'''
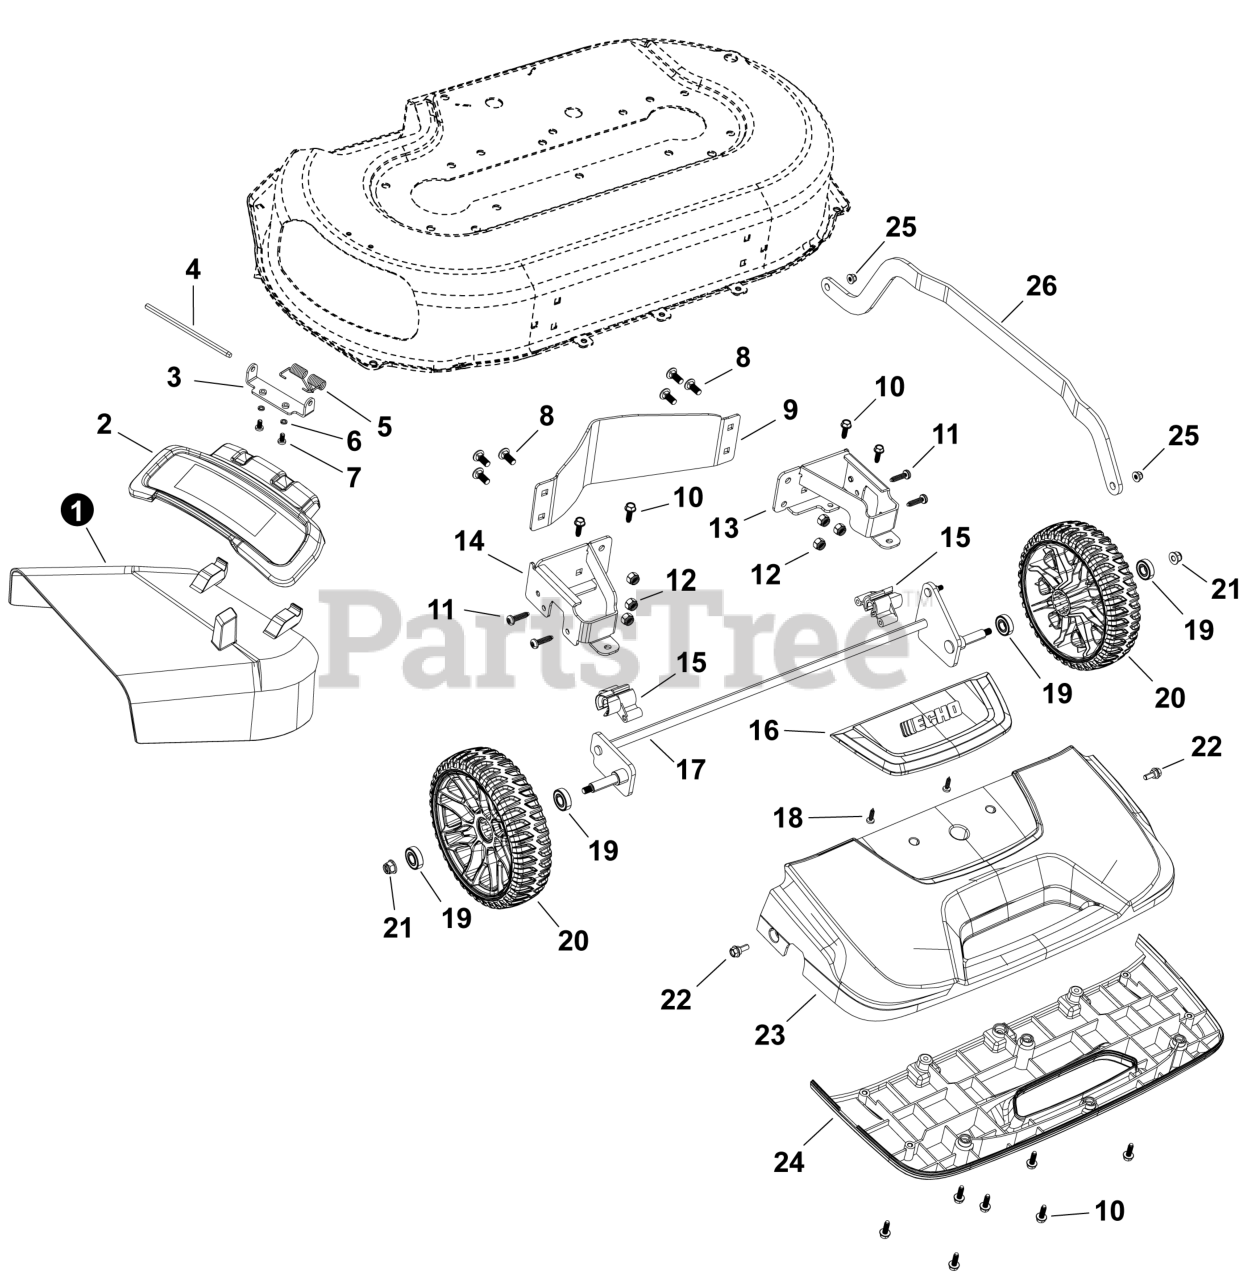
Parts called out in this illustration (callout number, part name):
1	DEFLECTOR, EXHAUST
2	COVER, SIDE DISCHARGE
3	MOUNTING PLATE, SIDE COVER
4	ROD, SIDE DISCHARGE COVER
5	SPRING, SIDE DISCHARGE COVER
9	DEFLECTOR, FRONT AIR
13	BRACKET, FRONT LEFT WHEEL
14	BRACKET, FRONT RIGHT WHEEL
15	BUSHING, FRONT GUIDE
16	COVER, LOGO
17	AXLE, FRONT
20	WHEEL, FRONT
23	COVER, FRONT
24	BASE, FRONT COVER
26	ROD, HEIGHT ADJUSTMENT
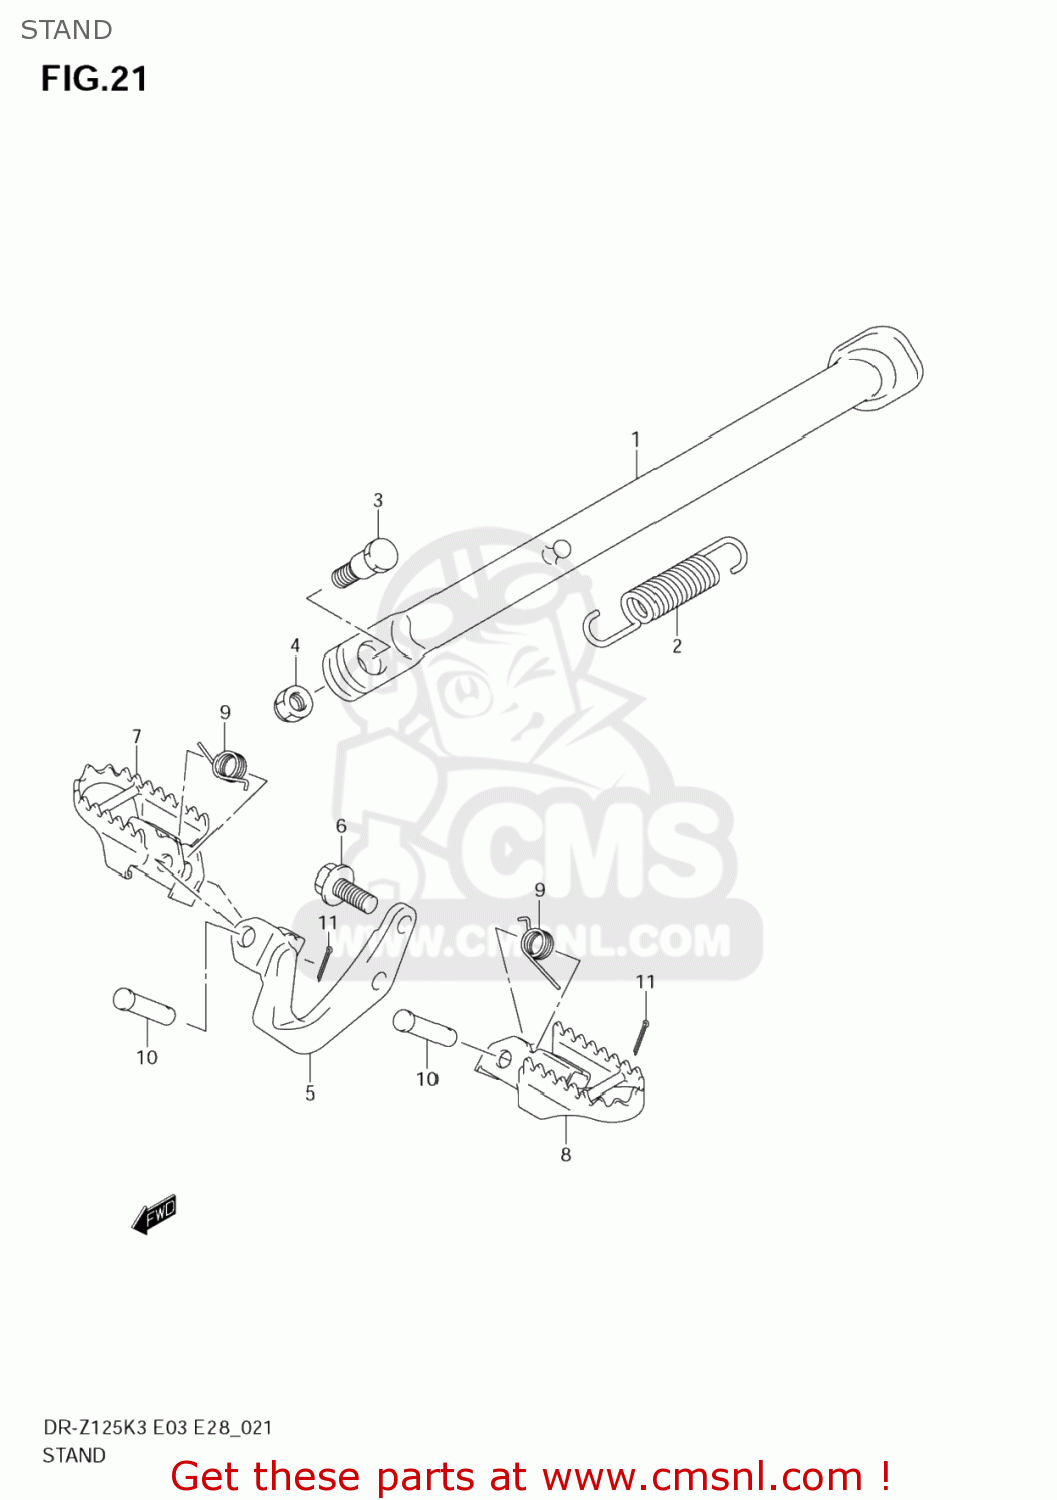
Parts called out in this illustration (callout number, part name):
1	STAND,PROP
2	SPRING
3	BOLT(10X33)
4	NUT,PROP STAND
5	BRACKET,FR FOOTREST,R
6	BOLT
7	FOOTREST,FRONT,RIGHT
8	FOOTREST,FRONT,LEFT
9	SPRING
10	PIN
11	PIN
'''
• Prompt:
All of the data gets printed again exactly; the pictures do not.

• Expected output:
Parts called out in this illustration (callout number, part name):
1	DEFLECTOR, EXHAUST
2	COVER, SIDE DISCHARGE
3	MOUNTING PLATE, SIDE COVER
4	ROD, SIDE DISCHARGE COVER
5	SPRING, SIDE DISCHARGE COVER
9	DEFLECTOR, FRONT AIR
13	BRACKET, FRONT LEFT WHEEL
14	BRACKET, FRONT RIGHT WHEEL
15	BUSHING, FRONT GUIDE
16	COVER, LOGO
17	AXLE, FRONT
20	WHEEL, FRONT
23	COVER, FRONT
24	BASE, FRONT COVER
26	ROD, HEIGHT ADJUSTMENT
Parts called out in this illustration (callout number, part name):
1	STAND,PROP
2	SPRING
3	BOLT(10X33)
4	NUT,PROP STAND
5	BRACKET,FR FOOTREST,R
6	BOLT
7	FOOTREST,FRONT,RIGHT
8	FOOTREST,FRONT,LEFT
9	SPRING
10	PIN
11	PIN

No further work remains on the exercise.